Vor einigen Tagen bin ich mit meinem PC in ein neues Gehäuse umgestiegen (Lancool K62). Vorher hatte ich nur einen Gehäuselüfter und den der CPU am NT hängen und es gab noch nie ein Problem. Gestern habe ich dann meine insgesamt 5 Lüfter ans NT gehängt da sie aufgrund der 2 Pin Anschlüsse so am leisesten sind. Sie liefen auch problemlos nur kamen sie erst nach der Windowsanmeldung in Schwung wärend des bootens ruckeltetrn sie nur aber wie gesagt danach problemlos. Einige Neustarts später viel mit auf dass das NT lauter als sonst ist und immer leicht den NT Lüfter auf und ab regelt bis es plötzlich ziemlich still war. Ein Blick ins Gehäuse und ich sah das sich kein einziger Lüfter (außer der der GPU) mehr drehte der PC an sich lief jedoch ohne Probleme weiter sprich alle anderen Komponenten bekamen genug Saft. Nun habe ich das NT schon etwas ausgeblasen um es vom Staub zu befreien aber ohne Nutzen. 
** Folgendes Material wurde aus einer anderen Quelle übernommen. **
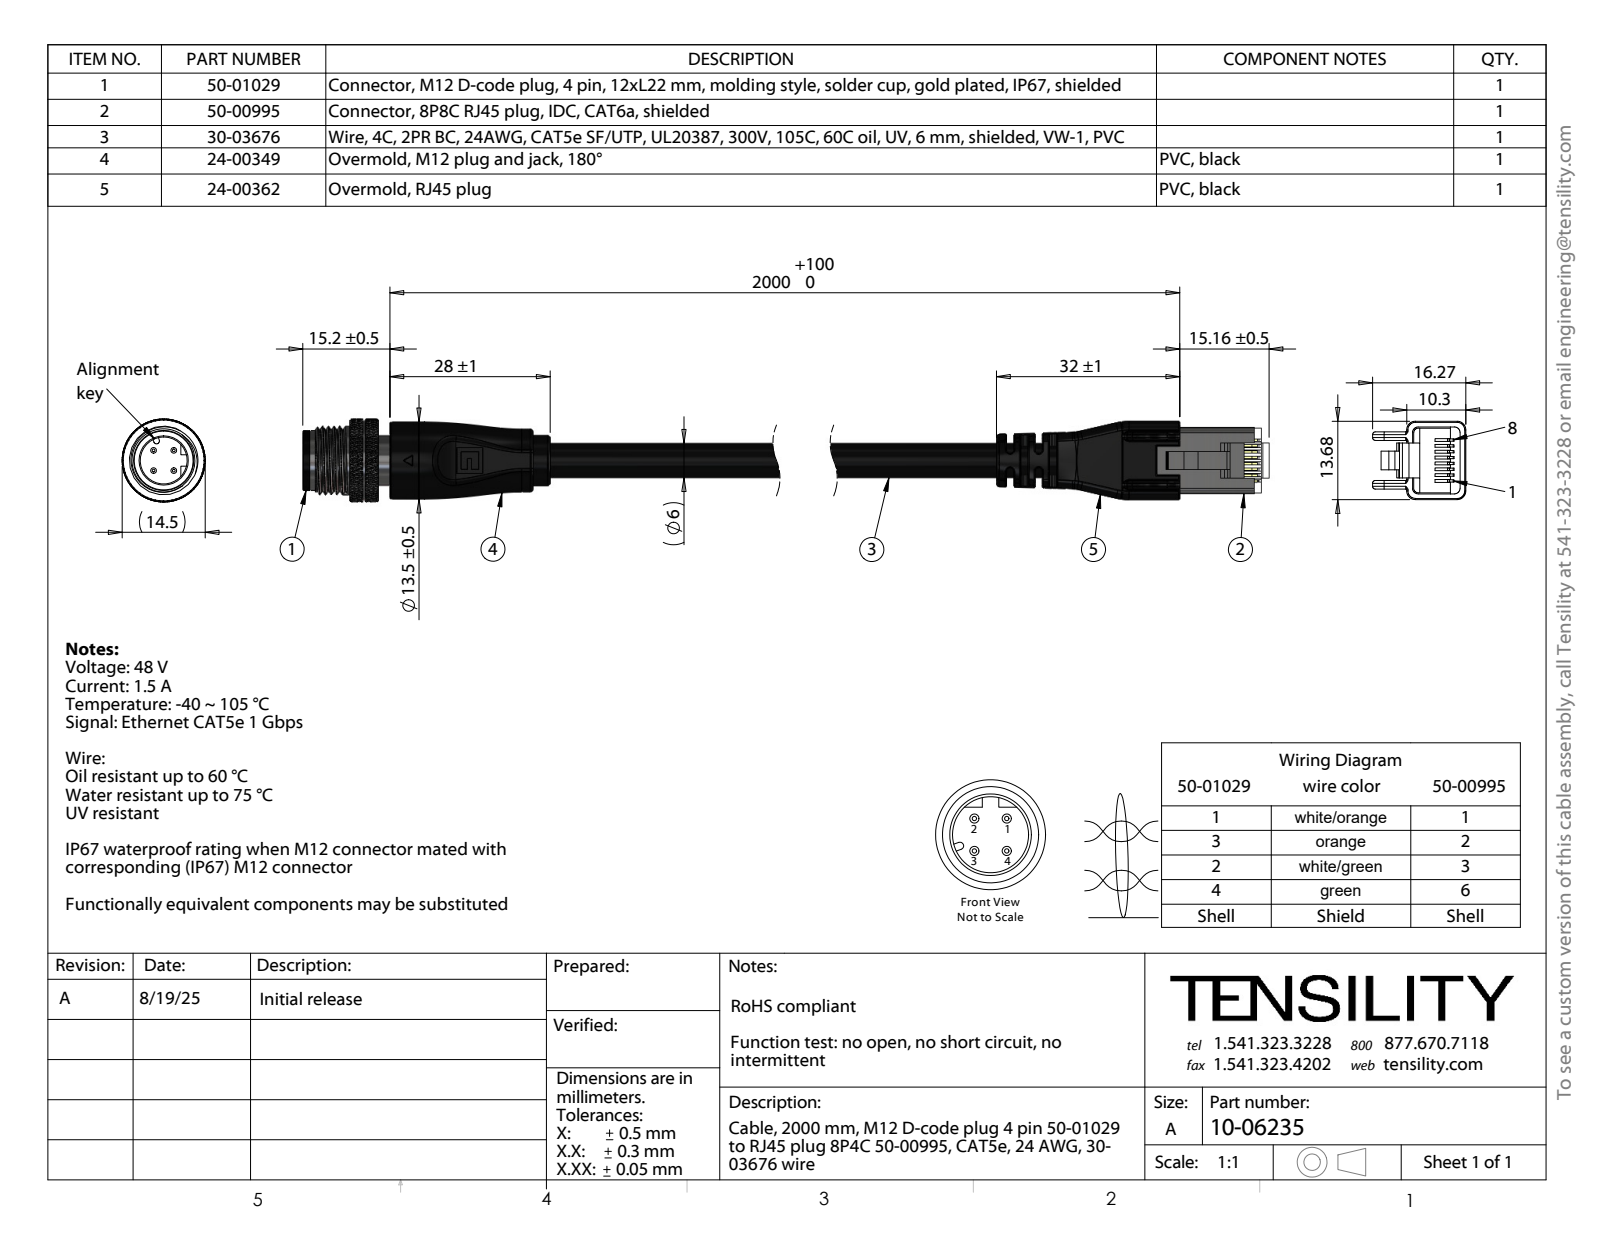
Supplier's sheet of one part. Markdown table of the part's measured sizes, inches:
| quantity | value |
| --- | --- |
| part name | 10-06235; 30-03676_blunt cut; 50-01029-03_默认; 50-01029-04_默认 (+6 more) |
| STEP written by | SolidWorks 2025 (CONFIG_CONTROL_DESIGN) |
| units | inches |
| bodies | 54 solids, 3209 faces (470 planar, 811 cylindrical, 1928 other) |
| overall size | 9.067 × 0.723 × 0.571 |
| volume | 0.849 in³ |
| surface area | 45.15 in² |
| round holes (diameter × count) | 0.008 × 28, 0.039 × 4, 0.041 × 4, 0.124 × 1, 0.126 × 1, 0.14 × 1, 0.315 × 1, 0.323 × 1, 0.346 × 1, 0.374 × 1 |
| round bosses / shafts (diameter × count) | 0.055 × 4, 0.571 × 1, 0.547 × 1, 0.531 × 1, 0.472 × 1, 0.433 × 1, 0.413 × 1, 0.366 × 1 |
| partial cylindrical surfaces (radius × count) | 0.008 × 11, 0.02 × 10, 0.059 × 10, 0.024 × 8, 0.039 × 5, 0.394 × 4, 0.031 × 2, 0.045 × 2 |
| main face-to-face distances | 0.049, 0.098, 0.039, 0.148, 0.197, 0.366, 0.276, 7.854, 0.499, 0.46 |
| hole center spacings | 0.042, 0.075, 0.082, 0.014, 0.043, 0.067, 0.071, 0.089 |
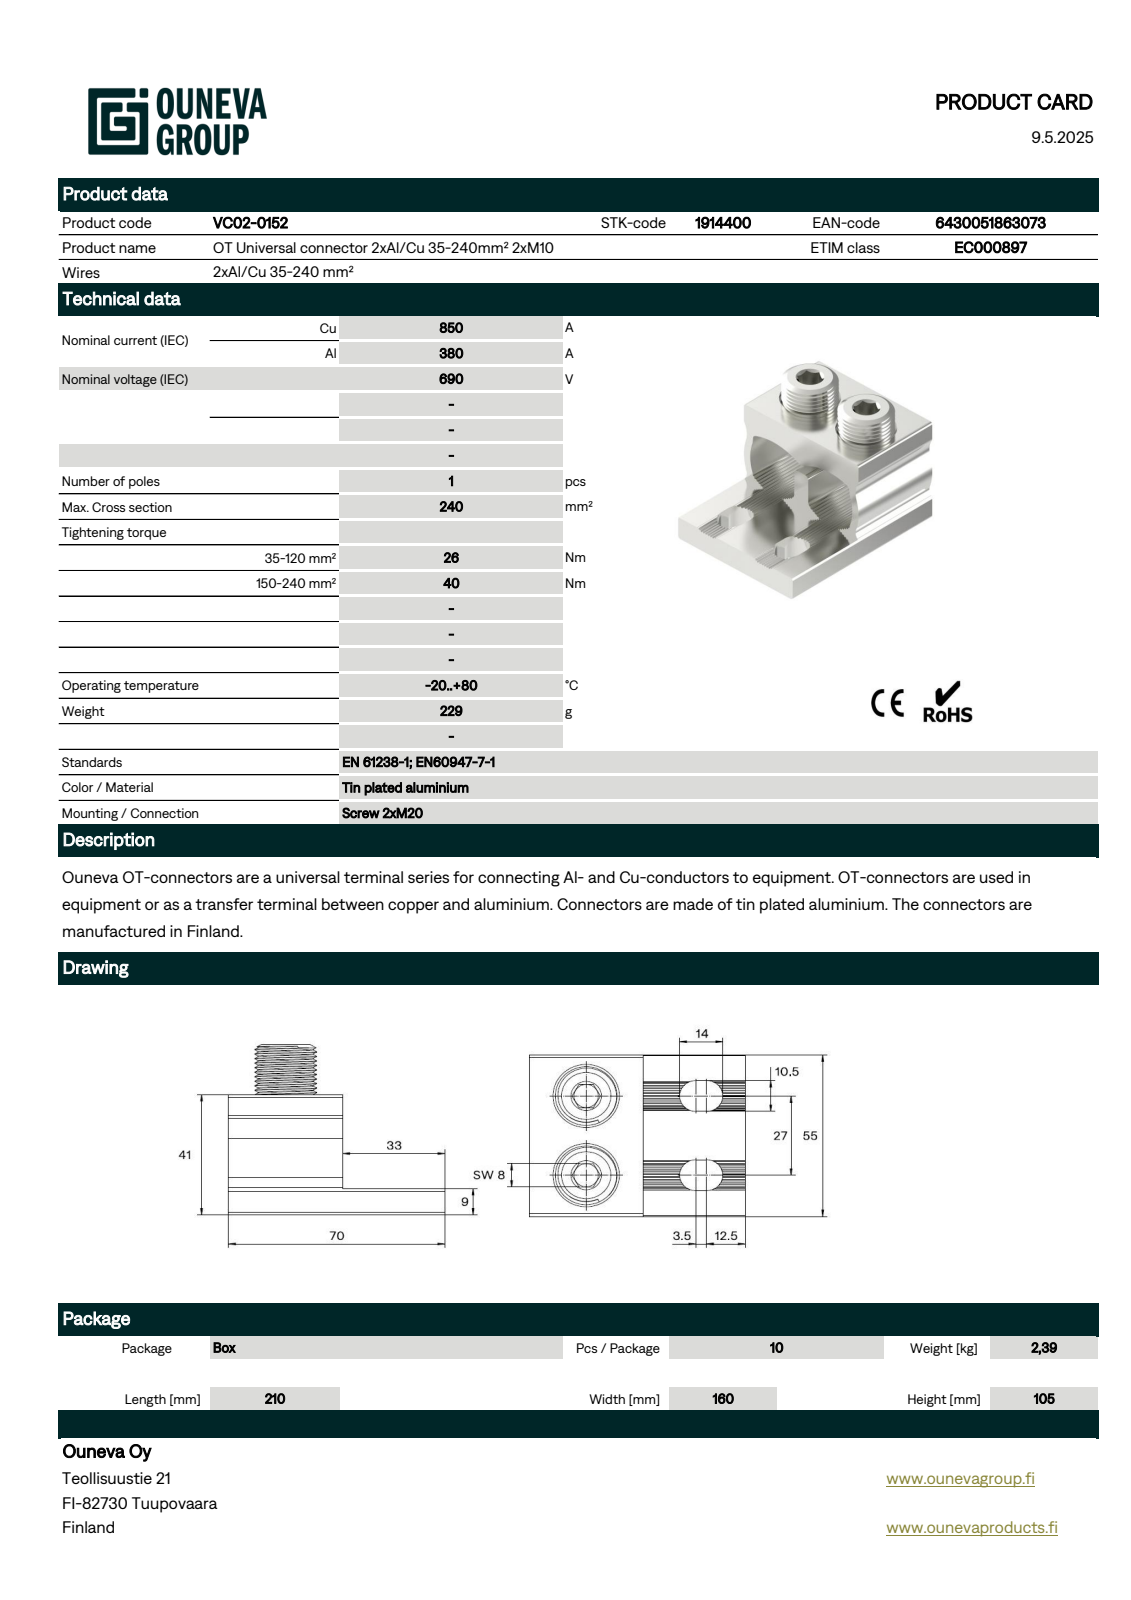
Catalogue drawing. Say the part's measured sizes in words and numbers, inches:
The part is named "VC02-0152_OT_2x240_2xM10". Its 3-D file was written by "Creo Elements/Direct Modeling 20.6A 14-Oct-2023 (C) Parametric Technology GmbH (AUTOMOTIVE_DESIGN)". It is 1 solid with 215 faces: 52 planar, 151 cylindrical and 12 other. Overall it measures 2.756 by 2.283 by 2.165 inches. Its volume is 4.418 cubic inches and its surface area 36.45 square inches. Round bosses or shafts: 2 of diameter 0.787. Partial cylindrical surfaces (rounded edges, fillets, slot ends): 74 of radius 0.012, 6 of radius 0.079, 4 of radius 0.039, 4 of radius 0.059, 4 of radius 0.207, 2 of radius 0.118, 2 of radius 0.138, 2 of radius 0.256. The main face-to-face distances are 1.614, 0.354, 1.26, 1.457, 2.165, 0.95, 1.215, 2.756, 1.299, 0.315.

Ich hoffe nun mir kann bitte jemand sagen was das Problem ist bzw wie es entstanden ist. 

Achja restliches System E6700@3,6Ghz, Gtx 260 BE, 4Gb, 2*500Gb, zwei Lauferke dürfte das NT eigentlich nicht überbeanspruchen.


----------



## Stefan@be quiet! (29. September 2011)

*AW: Be Quiet BQT E5 700w plötzlich alle Lüfter ausgefallen*

Ich denke, dass du dadurch, dass du so viele Lüfter an das Netzteil angeschlossen hast, den Regler gekillt hast...


----------



## ich558 (29. September 2011)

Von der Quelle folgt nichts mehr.